What you need to do =
Return each line below exactly as it reads, and omit any image in it.
━━━
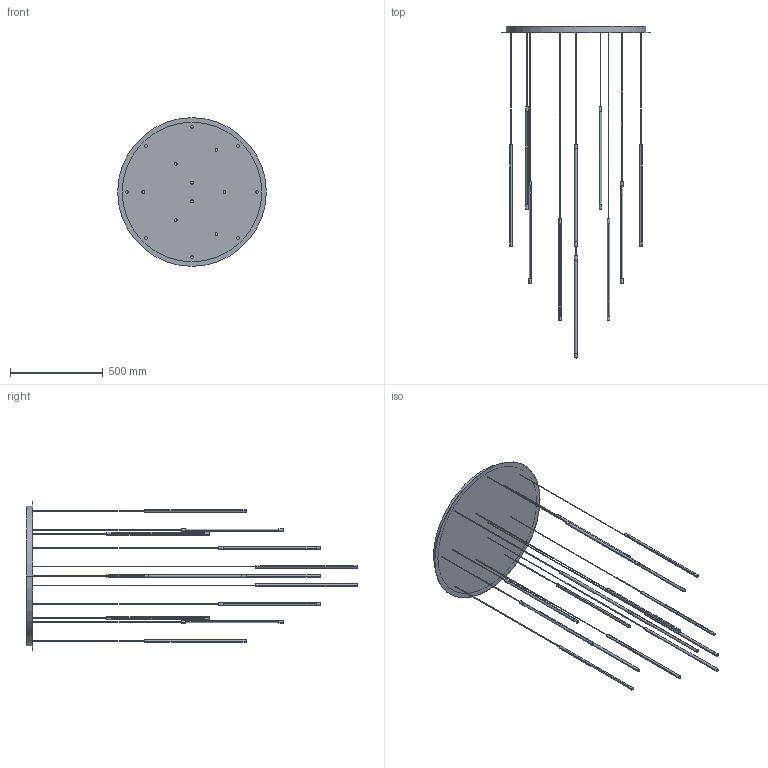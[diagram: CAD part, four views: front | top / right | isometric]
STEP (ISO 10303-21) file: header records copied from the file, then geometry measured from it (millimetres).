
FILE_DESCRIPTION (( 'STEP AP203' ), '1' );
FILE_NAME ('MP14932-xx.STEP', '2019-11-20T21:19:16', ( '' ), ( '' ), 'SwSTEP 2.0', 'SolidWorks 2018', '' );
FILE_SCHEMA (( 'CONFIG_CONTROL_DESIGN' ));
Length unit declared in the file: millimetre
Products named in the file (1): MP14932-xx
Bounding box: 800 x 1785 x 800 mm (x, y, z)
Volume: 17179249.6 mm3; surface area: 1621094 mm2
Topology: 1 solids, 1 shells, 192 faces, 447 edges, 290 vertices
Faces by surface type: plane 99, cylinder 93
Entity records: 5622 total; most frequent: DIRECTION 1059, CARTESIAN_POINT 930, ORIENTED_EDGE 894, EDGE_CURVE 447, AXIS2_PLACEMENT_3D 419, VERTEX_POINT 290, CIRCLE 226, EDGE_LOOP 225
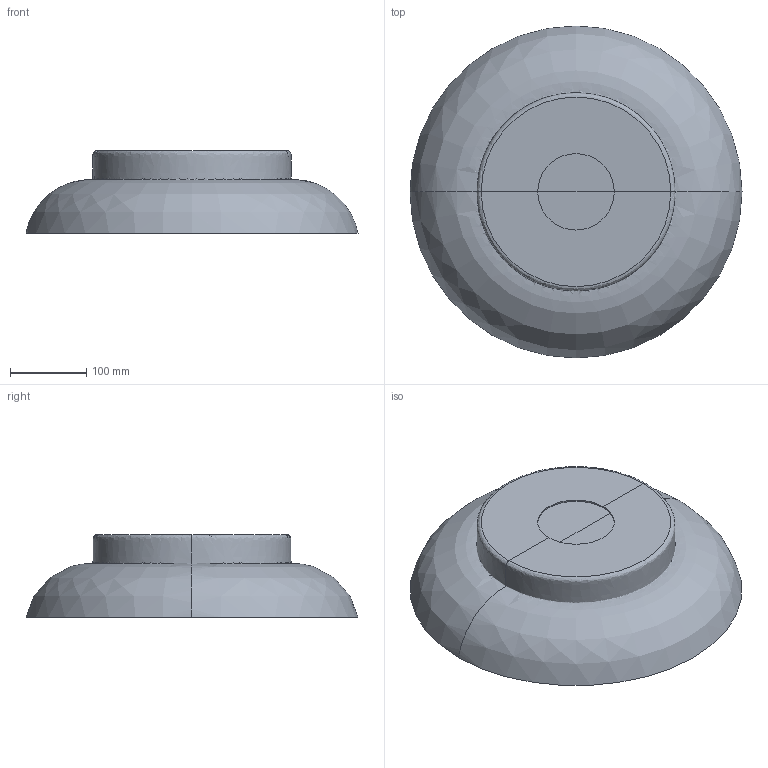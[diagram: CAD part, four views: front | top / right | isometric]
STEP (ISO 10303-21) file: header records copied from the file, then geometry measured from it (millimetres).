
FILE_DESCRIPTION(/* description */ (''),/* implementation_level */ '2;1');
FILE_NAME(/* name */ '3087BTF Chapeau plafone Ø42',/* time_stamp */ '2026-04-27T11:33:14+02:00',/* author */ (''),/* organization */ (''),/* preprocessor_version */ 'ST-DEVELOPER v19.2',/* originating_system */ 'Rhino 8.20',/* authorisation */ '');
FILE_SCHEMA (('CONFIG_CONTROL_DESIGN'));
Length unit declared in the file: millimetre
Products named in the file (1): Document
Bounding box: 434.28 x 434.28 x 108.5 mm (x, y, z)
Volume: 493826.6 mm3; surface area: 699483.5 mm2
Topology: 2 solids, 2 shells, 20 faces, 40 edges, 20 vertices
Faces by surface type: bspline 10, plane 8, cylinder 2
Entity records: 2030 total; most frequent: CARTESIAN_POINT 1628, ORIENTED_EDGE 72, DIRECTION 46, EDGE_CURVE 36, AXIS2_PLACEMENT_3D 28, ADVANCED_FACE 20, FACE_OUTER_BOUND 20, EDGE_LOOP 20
━━━
The completed task =
[diagram: CAD part, four views: front | top / right | isometric]
STEP (ISO 10303-21) file: header records copied from the file, then geometry measured from it (millimetres).
FILE_DESCRIPTION (( 'STEP AP203' ), '1' );
FILE_NAME ('MP14932-xx.STEP', '2019-11-20T21:19:16', ( '' ), ( '' ), 'SwSTEP 2.0', 'SolidWorks 2018', '' );
FILE_SCHEMA (( 'CONFIG_CONTROL_DESIGN' ));
Length unit declared in the file: millimetre
Products named in the file (1): MP14932-xx
Bounding box: 800 x 1785 x 800 mm (x, y, z)
Volume: 17179249.6 mm3; surface area: 1621094 mm2
Topology: 1 solids, 1 shells, 192 faces, 447 edges, 290 vertices
Faces by surface type: plane 99, cylinder 93
Entity records: 5622 total; most frequent: DIRECTION 1059, CARTESIAN_POINT 930, ORIENTED_EDGE 894, EDGE_CURVE 447, AXIS2_PLACEMENT_3D 419, VERTEX_POINT 290, CIRCLE 226, EDGE_LOOP 225
[diagram: CAD part, four views: front | top / right | isometric]
STEP (ISO 10303-21) file: header records copied from the file, then geometry measured from it (millimetres).
FILE_DESCRIPTION(/* description */ (''),/* implementation_level */ '2;1');
FILE_NAME(/* name */ '3087BTF Chapeau plafone Ø42',/* time_stamp */ '2026-04-27T11:33:14+02:00',/* author */ (''),/* organization */ (''),/* preprocessor_version */ 'ST-DEVELOPER v19.2',/* originating_system */ 'Rhino 8.20',/* authorisation */ '');
FILE_SCHEMA (('CONFIG_CONTROL_DESIGN'));
Length unit declared in the file: millimetre
Products named in the file (1): Document
Bounding box: 434.28 x 434.28 x 108.5 mm (x, y, z)
Volume: 493826.6 mm3; surface area: 699483.5 mm2
Topology: 2 solids, 2 shells, 20 faces, 40 edges, 20 vertices
Faces by surface type: bspline 10, plane 8, cylinder 2
Entity records: 2030 total; most frequent: CARTESIAN_POINT 1628, ORIENTED_EDGE 72, DIRECTION 46, EDGE_CURVE 36, AXIS2_PLACEMENT_3D 28, ADVANCED_FACE 20, FACE_OUTER_BOUND 20, EDGE_LOOP 20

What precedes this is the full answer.